Saying SEERA “has resulted in a de facto destruction of the merit principle” with respect to Unit 2 attorneys, the labor union representing lawyers employed by the Attorney General’s office and other state agencies even suggests the state is becoming the “employer of last resort” for attorneys, risking “poor performance or even no performance” by lawyers who are less “competent” and “lack[] the motivation to perform well in meeting the objectives of the employer.”1
It cannot be disputed that the political clout of certain labor unions, achieved through massive monetary contributions to campaigns of some seeking election to state office, has given the appearance of favored treatment to the membership of those unions. (Lucas, Davis’ plan gives prison guards big pay boost—Critics see a trade-off for election support, S.E Chronicle (Jan. 13, 2002) p. A21; Morain, Wealth Buys Access to State Politics, L.A. Times (Apr. 18, 1999) p. Al.)
Nevertheless, I agree with my colleagues on this case that, for the reasons articulated in our decision, the Attorney General and the labor union representing lawyers employed by the state have failed to establish that, as applied to Unit 2, SEERA conflicts with the merit principle of employment embodied in California’s Constitution. Thus, as a court, we have no basis upon which to intervene.
To the extent that SEERA has proved to be unwise or flawed, it is up to the Legislature or the people through the initiative process, not the courts, to *442correct it. (In re Brent F. (2005) 130 Cal.App.4th 1124, 1130 [30 Cal.Rptr.3d 833]; see also Knight v. Superior Court (2005) 128 Cal.App.4th 14, 19 [26 Cal.Rptr.3d 687]; People v. Hunt (1999) 74 Cal.App.4th 939, 948 [88 Cal.Rptr.2d 524]; Souza v. Lauppe (1997) 59 Cal.App.4th 865, 874 [69 Cal.Rptr.2d 494]; In re Marriage of Fisk (1992) 2 Cal.App.4th 1698, 1702 [4 Cal.Rptr.2d 95]; Squaw Valley Ski Corp. v. Superior Court (1992) 2 Cal.App.4th 1499, 1515 [3 Cal.Rptr.2d 897]; City of Victorville v. County of San Bernardino (1991) 233 Cal.App.3d 1312, 1322 [233 Cal.Rptr. 1312, 285 Cal.Rptr. 206]; Williams v. County of San Joaquin (1990) 225 Cal.App.3d 1326, 1334 [275 Cal.Rptr. 302]; Neighbours v. Buzz Oates Enterprises (1990) 217 Cal.App.3d 325, 334 [265 Cal.Rptr. 788].)
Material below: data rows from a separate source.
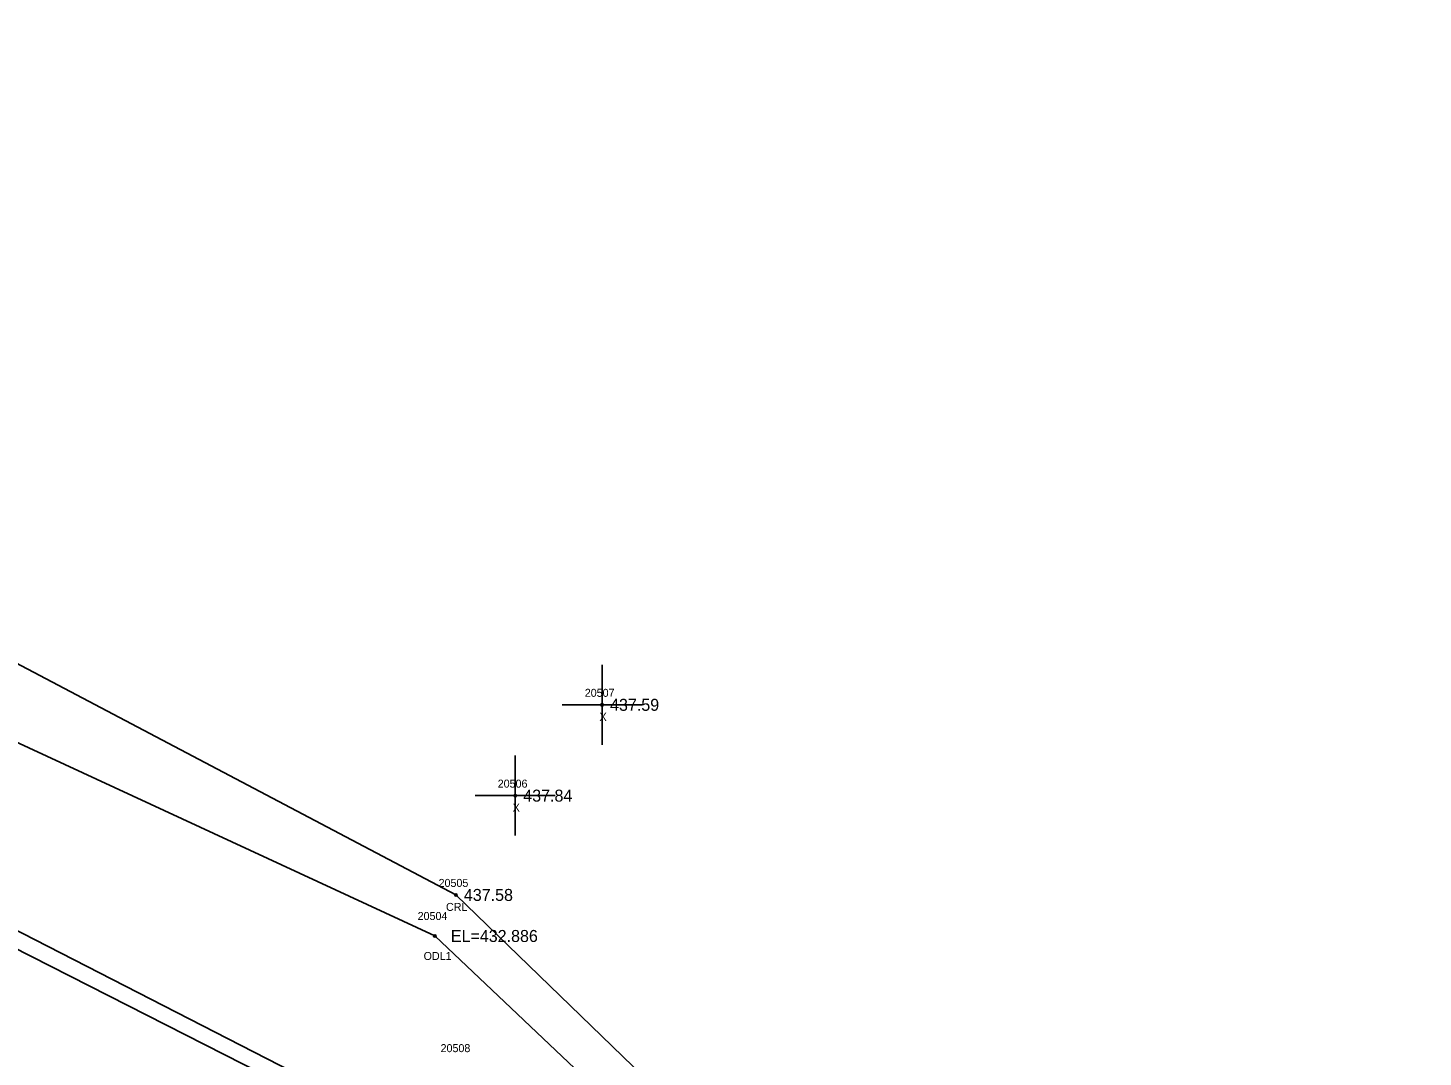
# Model space of a CAD drawing. Extents: x 1763022 to 1764007, y 824123 to 825394.
# Drawn here: x 1763608.9 to 1763783.3, y 824684.2 to 824812.8 of the extents above; entities that cross this region are included whole.
import ezdxf

# ---------------------------------------------------------------- set-up
doc = ezdxf.new("R2010")
doc.units = 0
for name, color, linetype in [('RD_EX_H2O', 7, 'Continuous'), ('RD_EX_H2O_txCode', 7, 'Continuous'), ('RD_EX_Misc', 7, 'Continuous'), ('RD_EX_Misc_txCode', 7, 'Continuous'), ('RD_EX_TX_H2O_ELEV', 7, 'Continuous'), ('RD_EX_TX_Misc_ELEV', 7, 'Continuous'), ('RD_SMD_Locator', 7, 'Continuous')]:
    doc.layers.add(name, color=color, linetype=linetype)

msp = doc.modelspace()

# ---------------------------------------------------------------- linework, layer by layer
at = {"layer": 'RD_EX_H2O'}
for points in [[(1763496.79, 824812.85), (1763505.69, 824806.42), (1763507.16, 824805.23), (1763521.58, 824789.49), (1763543.54, 824765.51), (1763572.14, 824752.09), (1763662.42, 824704.48), (1763697.56, 824670.47), (1763707.93, 824630.76), (1763723.52, 824595.87), (1763766.82, 824582.67), (1763818.29, 824585.49), (1763920.08, 824604.11)], [(1763494.44, 824810.56), (1763519.46, 824787), (1763539.48, 824759.37), (1763565.01, 824743.23), (1763659.79, 824699.35), (1763693.94, 824667), (1763705.55, 824629.75), (1763723.44, 824593.51), (1763767.2, 824575.02), (1763820.02, 824582.79), (1763920.83, 824600.99)], [(1763486.08, 824799.65), (1763514.15, 824779.95), (1763533.52, 824748.31), (1763547.12, 824731.03), (1763648.42, 824679.07), (1763662.67, 824682.83), (1763683.5, 824662.48), (1763694.46, 824627.33), (1763694.82, 824601.41), (1763712.85, 824586.53), (1763766.86, 824564.42), (1763816.87, 824572.85), (1763926.33, 824585.82)], [(1763485.59, 824798.12), (1763510.28, 824776.41), (1763530.73, 824746.57), (1763546.51, 824728.76), (1763647.95, 824677.16), (1763661.46, 824680.21), (1763679.15, 824659.29), (1763688.38, 824626.34), (1763689.04, 824599.45), (1763710.73, 824574.27), (1763740.3, 824562), (1763762.69, 824555.26), (1763820.3, 824563.65), (1763926.69, 824582.3)]]:
    msp.add_lwpolyline(points, dxfattribs=at)
at = {"layer": 'RD_EX_Misc'}
for p, q in [((1763680.69, 824723.24), (1763680.69, 824733.24)), ((1763675.69, 824728.24), (1763685.69, 824728.24)), ((1763669.84, 824711.89), (1763669.84, 824721.89)), ((1763664.84, 824716.89), (1763674.84, 824716.89))]:
    msp.add_line(p, q, dxfattribs=at)
at = {"layer": 'RD_SMD_Locator'}
for centre in [(1763680.69, 824728.24), (1763669.84, 824716.89), (1763662.42, 824704.48), (1763659.79, 824699.35)]:
    msp.add_circle(centre, 0.15, dxfattribs=at)

# ---------------------------------------------------------------- texts
at = {"layer": 'RD_EX_H2O_txCode'}
for s, p in [('20505', (1763660.26, 824705.48)), ('CRL', (1763661.19, 824702.48)), ('20504', (1763657.64, 824701.35)), ('ODL1', (1763658.39, 824696.35)), ('20508', (1763660.51, 824684.83))]:
    msp.add_text(s, height=1, dxfattribs=at).set_placement(p)
at = {"layer": 'RD_EX_Misc_txCode'}
for s, p in [('20507', (1763678.53, 824729.24)), ('X', (1763680.37, 824726.24)), ('20506', (1763667.65, 824717.89)), ('X', (1763669.52, 824714.89))]:
    msp.add_text(s, height=1, dxfattribs=at).set_placement(p)
at = {"layer": 'RD_EX_TX_H2O_ELEV'}
for s, p in [('437.58', (1763663.42, 824703.73)), ('EL=432.886', (1763661.79, 824698.6))]:
    msp.add_text(s, height=1.5, dxfattribs=at).set_placement(p)
at = {"layer": 'RD_EX_TX_Misc_ELEV'}
for s, p in [('437.59', (1763681.69, 824727.49)), ('437.84', (1763670.84, 824716.14))]:
    msp.add_text(s, height=1.5, dxfattribs=at).set_placement(p)

doc.saveas('drawing.dxf')
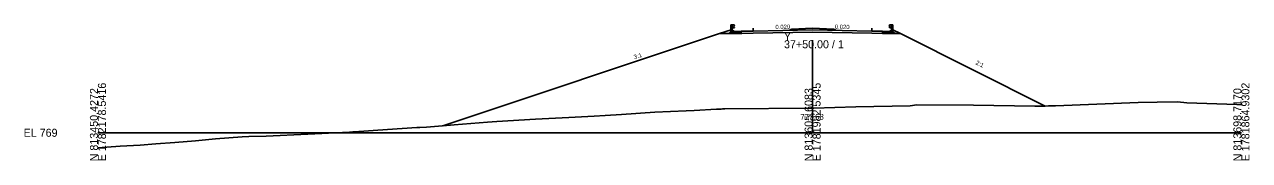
# Model space of a CAD drawing. Extents: x -12583 to 5303, y -44 to 25667.
# Drawn here: x 1874.3 to 2302.8, y 7990.3 to 8037.8 of the extents above; entities that cross this region are included whole.
import ezdxf

# ---------------------------------------------------------------- set-up
doc = ezdxf.new("R2010")
doc.units = 0
for name, color, linetype in [('Exist Cross Section Cell', 7, 'Continuous'), ('Exist XS Center Line Elevation Label', 7, 'Continuous'), ('Exist XS Ground Line', 7, 'Continuous'), ('Prop Conc 5in Monolithic Surface Mount Island', 7, 'Continuous'), ('Prop XS Dump Level', 7, 'Continuous'), ('Prop XS Earthwork Shape', 7, 'Continuous'), ('Prop XS EOT Tick Mark', 7, 'Continuous'), ('Prop XS Finish Grade', 7, 'Continuous'), ('Prop XS Finish Grade CurbGutter', 7, 'Continuous'), ('Prop XS Finish Grade Earthwork', 7, 'Continuous'), ('Prop XS Finish Grade Paved Shoulder', 7, 'Continuous'), ('Prop XS Finish Grade Pavement', 7, 'Continuous'), ('Prop XS Guardrail', 7, 'Continuous'), ('Prop XS Pvmt Edge Slope', 7, 'Continuous'), ('Prop XS SE Text', 7, 'Continuous'), ('Prop XS Side Slope Text', 7, 'Continuous'), ('Prop XS Subgrade CurbGutter', 7, 'Continuous'), ('Prop XS Subgrade Earthwork', 7, 'Continuous')]:
    doc.layers.add(name, color=color, linetype=linetype)

msp = doc.modelspace()

# ---------------------------------------------------------------- linework, layer by layer
at = {"layer": 'Exist Cross Section Cell'}
for p, q in [((2150, 8000), (2150, 8032.33)), ((1900, 8000), (2150, 8000)), ((2150, 8000), (2300, 8000))]:
    msp.add_line(p, q, dxfattribs=at)
at = {"layer": 'Exist XS Ground Line'}
for p, q in [((2165.07, 8009.08), (2184.12, 8009.45)), ((2184.12, 8009.45), (2186.46, 8009.8)), ((2186.46, 8009.8), (2206.34, 8009.67)), ((2206.34, 8009.67), (2227.74, 8009.34)), ((2227.74, 8009.34), (2232.53, 8009.36)), ((2232.53, 8009.36), (2234.96, 8009.41)), ((2234.96, 8009.41), (2263.89, 8010.55)), ((2263.89, 8010.55), (2270.59, 8010.68)), ((2270.59, 8010.68), (2277.64, 8010.78)), ((2277.64, 8010.78), (2280.86, 8010.51)), ((2280.86, 8010.51), (2298.39, 8009.82)), ((2298.39, 8009.82), (2300, 8009.72)), ((2053.04, 8004.8), (2064.78, 8005.35)), ((2064.78, 8005.35), (2073.57, 8005.79)), ((2073.57, 8005.79), (2077.49, 8006.04)), ((2077.49, 8006.04), (2083.14, 8006.35)), ((2083.14, 8006.35), (2094.81, 8007.14)), ((2094.81, 8007.14), (2105.81, 8007.69)), ((2105.81, 8007.69), (2108.53, 8007.77)), ((2108.53, 8007.77), (2116.37, 8008.23)), ((2116.37, 8008.23), (2117.98, 8008.3)), ((2117.98, 8008.3), (2118.47, 8008.32)), ((2118.47, 8008.32), (2119.35, 8008.35)), ((2119.35, 8008.35), (2150, 8008.58)), ((2150, 8008.58), (2150.4, 8008.58)), ((2150.4, 8008.58), (2165.07, 8009.08)), ((1989.62, 8000.34), (2001.3, 8001.14)), ((2001.3, 8001.14), (2011.53, 8001.78)), ((2011.53, 8001.78), (2012.66, 8001.88)), ((2012.66, 8001.88), (2014.91, 8001.98)), ((2014.91, 8001.98), (2024.63, 8002.71)), ((2024.63, 8002.71), (2036.26, 8003.66)), ((2036.26, 8003.66), (2039.49, 8003.94)), ((2039.49, 8003.94), (2053.04, 8004.8)), ((1920.29, 7996.12), (1926.85, 7996.62)), ((1926.85, 7996.62), (1934.12, 7997.19)), ((1934.12, 7997.19), (1941.08, 7997.87)), ((1941.08, 7997.87), (1950.51, 7998.6)), ((1950.51, 7998.6), (1952.83, 7998.74)), ((1952.83, 7998.74), (1958.88, 7998.84)), ((1958.88, 7998.84), (1987.99, 8000.26)), ((1987.99, 8000.26), (1989.18, 8000.32)), ((1989.18, 8000.32), (1989.62, 8000.34)), ((1900, 7994.73), (1907.79, 7995.26)), ((1907.79, 7995.26), (1914.74, 7995.7)), ((1914.74, 7995.7), (1920.29, 7996.12))]:
    msp.add_line(p, q, dxfattribs=at)
at = {"layer": 'Prop Conc 5in Monolithic Surface Mount Island'}
for p, q in [((2142, 8035.98), (2142.74, 8036.24)), ((2142, 8035.81), (2142, 8035.98)), ((2142.74, 8036.24), (2150, 8036.53)), ((2157.26, 8036.24), (2150, 8036.53)), ((2158, 8035.98), (2157.26, 8036.24)), ((2158, 8035.81), (2158, 8035.98))]:
    msp.add_line(p, q, dxfattribs=at)
at = {"layer": 'Prop XS Dump Level'}
for p, q in [((2129.25, 8035.56), (2150, 8035.97)), ((2150, 8035.97), (2170.75, 8035.56))]:
    msp.add_line(p, q, dxfattribs=at)
at = {"layer": 'Prop XS Earthwork Shape'}
msp.add_lwpolyline([(2125.25, 8034.68), (2125.06, 8034.68), (2120.67, 8034.68), (2117.46, 8034.68), (2020.66, 8002.41), (2024.63, 8002.71), (2036.26, 8003.66), (2039.49, 8003.94), (2053.04, 8004.8), (2064.78, 8005.35), (2073.57, 8005.79), (2077.49, 8006.04), (2083.14, 8006.35), (2094.81, 8007.14), (2105.81, 8007.69), (2108.53, 8007.77), (2116.37, 8008.23), (2117.98, 8008.3), (2118.47, 8008.32), (2119.35, 8008.35), (2150, 8008.58), (2150.4, 8008.58), (2165.07, 8009.08), (2184.12, 8009.45), (2186.46, 8009.8), (2206.34, 8009.67), (2227.74, 8009.34), (2231.38, 8009.35), (2180.72, 8034.69), (2178.84, 8034.69), (2174.45, 8034.69), (2170.75, 8034.76), (2150, 8035.18), (2129.25, 8034.76)], close=True, dxfattribs=at)
at = {"layer": 'Prop XS EOT Tick Mark'}
for p, q in [((2129.25, 8035.56), (2129.25, 8036.56)), ((2170.75, 8035.56), (2170.75, 8036.56))]:
    msp.add_line(p, q, dxfattribs=at)
at = {"layer": 'Prop XS Finish Grade'}
for p, q in [((2121.46, 8036.01), (2117.46, 8034.68)), ((2122.04, 8035.72), (2121.46, 8036.01)), ((2177.47, 8035.73), (2178.05, 8036.02)), ((2180.72, 8034.69), (2178.05, 8036.02))]:
    msp.add_line(p, q, dxfattribs=at)
at = {"layer": 'Prop XS Finish Grade CurbGutter'}
for p, q in [((2122.73, 8035.38), (2122.04, 8035.72)), ((2125.06, 8035.47), (2122.73, 8035.38)), ((2174.45, 8035.48), (2176.78, 8035.39)), ((2176.78, 8035.39), (2177.47, 8035.73))]:
    msp.add_line(p, q, dxfattribs=at)
at = {"layer": 'Prop XS Finish Grade Earthwork'}
for p, q in [((2117.46, 8034.68), (2020.66, 8002.41)), ((2180.72, 8034.69), (2231.38, 8009.35))]:
    msp.add_line(p, q, dxfattribs=at)
at = {"layer": 'Prop XS Finish Grade Paved Shoulder'}
for p, q in [((2129.25, 8035.56), (2125.06, 8035.47)), ((2170.75, 8035.56), (2174.45, 8035.48))]:
    msp.add_line(p, q, dxfattribs=at)
at = {"layer": 'Prop XS Finish Grade Pavement'}
for p, q in [((2129.25, 8035.56), (2150, 8035.97)), ((2150, 8035.97), (2170.75, 8035.56))]:
    msp.add_line(p, q, dxfattribs=at)
at = {"layer": 'Prop XS Guardrail'}
for p, q in [((2121.41, 8037.77), (2121.91, 8037.77)), ((2121.41, 8035.27), (2121.41, 8037.77)), ((2121.91, 8037.77), (2122.41, 8037.77)), ((2121.91, 8037.77), (2121.91, 8035.27)), ((2122.41, 8036.64), (2121.91, 8036.64)), ((2122.41, 8037.77), (2122.7, 8037.57)), ((2122.7, 8037.45), (2122.41, 8037.25)), ((2122.41, 8037.25), (2122.41, 8037.16)), ((2122.41, 8037.16), (2122.7, 8036.96)), ((2122.7, 8036.84), (2122.41, 8036.64)), ((2122.7, 8037.57), (2122.73, 8037.51)), ((2122.73, 8037.51), (2122.7, 8037.45)), ((2122.7, 8036.96), (2122.73, 8036.9)), ((2122.73, 8036.9), (2122.7, 8036.84)), ((2176.81, 8037.58), (2176.78, 8037.52)), ((2176.78, 8037.52), (2176.81, 8037.46)), ((2176.81, 8036.97), (2176.78, 8036.91)), ((2176.78, 8036.91), (2176.81, 8036.85)), ((2177.1, 8037.78), (2176.81, 8037.58)), ((2176.81, 8037.46), (2177.1, 8037.26)), ((2177.1, 8037.17), (2176.81, 8036.97)), ((2176.81, 8036.85), (2177.1, 8036.65)), ((2177.6, 8037.78), (2177.1, 8037.78)), ((2177.1, 8037.26), (2177.1, 8037.17)), ((2177.1, 8036.65), (2177.6, 8036.65)), ((2178.1, 8037.78), (2177.6, 8037.78)), ((2177.6, 8037.78), (2177.6, 8035.28)), ((2178.1, 8035.28), (2178.1, 8037.78))]:
    msp.add_line(p, q, dxfattribs=at)
at = {"layer": 'Prop XS Pvmt Edge Slope'}
for p, q in [((2121.04, 8035.05), (2120.67, 8034.68)), ((2122.04, 8035.05), (2121.04, 8035.05)), ((2177.47, 8035.06), (2178.47, 8035.06)), ((2178.47, 8035.06), (2178.84, 8034.69))]:
    msp.add_line(p, q, dxfattribs=at)
at = {"layer": 'Prop XS Subgrade CurbGutter'}
for p, q in [((2122.04, 8035.05), (2122.04, 8035.72)), ((2125.06, 8035.05), (2122.04, 8035.05)), ((2125.06, 8035.47), (2125.06, 8035.05)), ((2174.45, 8035.48), (2174.45, 8035.06)), ((2174.45, 8035.06), (2177.47, 8035.06)), ((2177.47, 8035.06), (2177.47, 8035.73))]:
    msp.add_line(p, q, dxfattribs=at)
at = {"layer": 'Prop XS Subgrade Earthwork'}
for p, q in [((2150, 8035.18), (2129.25, 8034.76)), ((2170.75, 8034.76), (2150, 8035.18)), ((2120.67, 8034.68), (2117.46, 8034.68)), ((2125.06, 8034.68), (2120.67, 8034.68)), ((2125.25, 8034.68), (2125.06, 8034.68)), ((2129.25, 8034.76), (2125.25, 8034.68)), ((2170.75, 8034.76), (2174.45, 8034.69)), ((2174.45, 8034.69), (2178.84, 8034.69)), ((2178.84, 8034.69), (2180.72, 8034.69))]:
    msp.add_line(p, q, dxfattribs=at)

# ---------------------------------------------------------------- texts
at = {"layer": 'Exist Cross Section Cell'}
for s, p in [('Y', (2140, 8032.33)), ('37+50.00 / 1', (2140, 8029.53)), ('EL 769', (1874, 7998.6))]:
    msp.add_text(s, height=2.8, dxfattribs=at).set_placement(p)
for s, p in [('N 813450.4272', (1900, 7990)), ('E 1782178.5416', (1902.8, 7990)), ('N 813605.6083', (2150, 7990)), ('E 1781982.5345', (2152.8, 7990)), ('N 813698.7170', (2300, 7990)), ('E 1781864.9302', (2302.8, 7990))]:
    msp.add_text(s, height=2.8, rotation=90, dxfattribs=at).set_placement(p)
at = {"layer": 'Exist XS Center Line Elevation Label'}
msp.add_text('777.58', height=2, dxfattribs=at).set_placement((2145.73, 8004.58))
at = {"layer": 'Prop XS Dump Level'}
msp.add_text('Case2', height=0.04, dxfattribs=at).set_placement((2174.45, 8035.44))
at = {"layer": 'Prop XS SE Text'}
for rotation, p in [(1.1458, (2137, 8036.21)), (358.8542, (2157.75, 8036.32))]:
    msp.add_text('0.020', height=1.5, rotation=rotation, dxfattribs=at).set_placement(p)
at = {"layer": 'Prop XS Side Slope Text'}
for s, rotation, p in [('3:1', 16.778, (2087.68, 8025.71)), ('2:1', 333.4349, (2206.89, 8024.02))]:
    msp.add_text(s, height=1.5, rotation=rotation, dxfattribs=at).set_placement(p)

doc.saveas('drawing.dxf')

On June 2, 2009, the opinion was modified to read as printed above. Appellant’s petition for review by the Supreme Court was denied August 26, 2009, SI74490.
Generally speaking, the written work and the oral advocacy done in this court by lawyers in the Attorney General’s office does not reflect a lack of competence or lack of motivation to perform well, as suggested by their labor union.